# Repair, refund or replacement?



## bobjim (18 Sep 2006)

Does anyone know whether any of these 3 options is the default one? I bought an item from a large electronics store which does not work properly. Unfortunately, I didn't actually open it until after the store's 2 week return limit had passed. I'm aware that consumer rights ensure that the store must offer a refund, repair or replacement but can I insist on a refund? They are offering only a replacement, take it or leave it, no discussion, with a f-you attitude and I'm so annoyed now that I'm considering going the small claims route.

Cheers,
BobJim


----------



## Humpback (18 Sep 2006)

bobjim said:


> Does anyone know whether any of these 3 options is the default one?



There is no default, but by convention, normally shops will repair first, then replace and finally refund.



bobjim said:


> Unfortunately, I didn't actually open it until after the store's 2 week return limit had passed.


 
Can you explain more about this "2 week return limit"? There is no such thing in legislation, so unless this is something extra offered (by way of a benefit rather than a restriction) by the store, they cannot enforce any such limit.



bobjim said:


> but can I insist on a refund?



No. You can't insist. The shop is at liberty to follow either the repair or replace route first.




bobjim said:


> They are offering only a replacement, take it or leave it, no discussion, with a f-you attitude



What's your problem if they're providing a replacement for you? Aren't you getting the product that you purchased in full working order if you're getting a replacement?

Unless you've changed your mind about not wanting this product in the first place?
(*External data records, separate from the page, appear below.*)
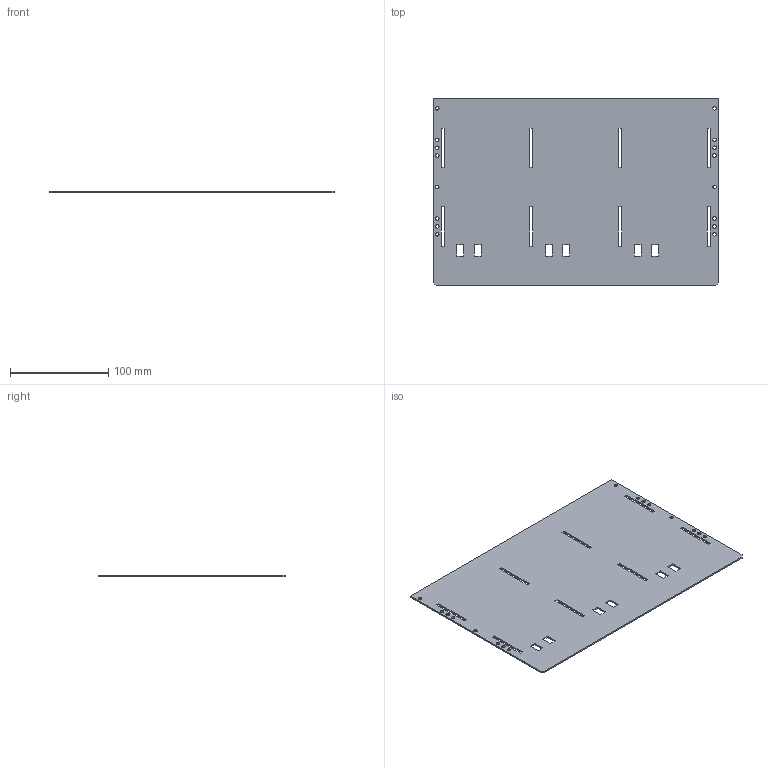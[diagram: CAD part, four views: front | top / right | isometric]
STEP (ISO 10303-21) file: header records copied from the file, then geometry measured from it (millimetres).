
FILE_DESCRIPTION(/* description */ ('STEP AP242 Edition 2','CAx-IF Rec.Pracs.---Representation and Presentation of Product Manufacturing Information (PMI)---4.0---2014-10-13','CAx-IF Rec.Pracs.---3D Tessellated Geometry---0.4---2014-09-14','2;1','CAx-IF Rec.Pracs.---User Defined Attributes---1.5---2016-08-15'),/* implementation_level */ '2;1');
FILE_NAME(/* name */ 'Enclosure - Bottom Padding',/* time_stamp */ '2026-11-16T09:17:36Z',/* author */ (''),/* organization */ (''),/* preprocessor_version */ 'ST-DEVELOPER v20',/* originating_system */ 'ONSHAPE BY PTC INC, 1.223',/* authorisation */ ' ');
FILE_SCHEMA (('AP242_MANAGED_MODEL_BASED_3D_ENGINEERING_MIM_LF { 1 0 10303 442 3 1 4 }'));
Length unit declared in the file: metre
Products named in the file (1): Bottom Padding
Bounding box: 290 x 190 x 1.5 mm (x, y, z)
Volume: 80241.1 mm3; surface area: 110051.7 mm2
Topology: 1 solids, 1 shells, 80 faces, 234 edges, 156 vertices
Faces by surface type: plane 64, cylinder 16
Full cylindrical faces by diameter (mm): 3.5 x16
Entity records: 2692 total; most frequent: CARTESIAN_POINT 455, ORIENTED_EDGE 436, DIRECTION 412, EDGE_CURVE 218, LINE 186, VECTOR 186, VERTEX_POINT 156, EDGE_LOOP 156

Which isn't covered by any legislation.



bobjim said:


> I'm so annoyed now that I'm considering going the small claims route.


 
You have no claims (at the moment) for the Small Claims Court. The shop are offering a replacement to you, which is a good deal for you. 

You could, as happens in cases, be left for months without the item at all while they get it repaired.


----------



## Marion (18 Sep 2006)

> There is no default, but by convention, normally shops will repair first, then replace and finally refund.



Hi RDJ

But, does the consumer have to accept this convention which suits the retailer? 

I don't think a consumer_ has_ to accept a repair if the faulty good is returned promptly.

If the OP does accept a repair they should give a letter stating that they still reserve their consumer rights.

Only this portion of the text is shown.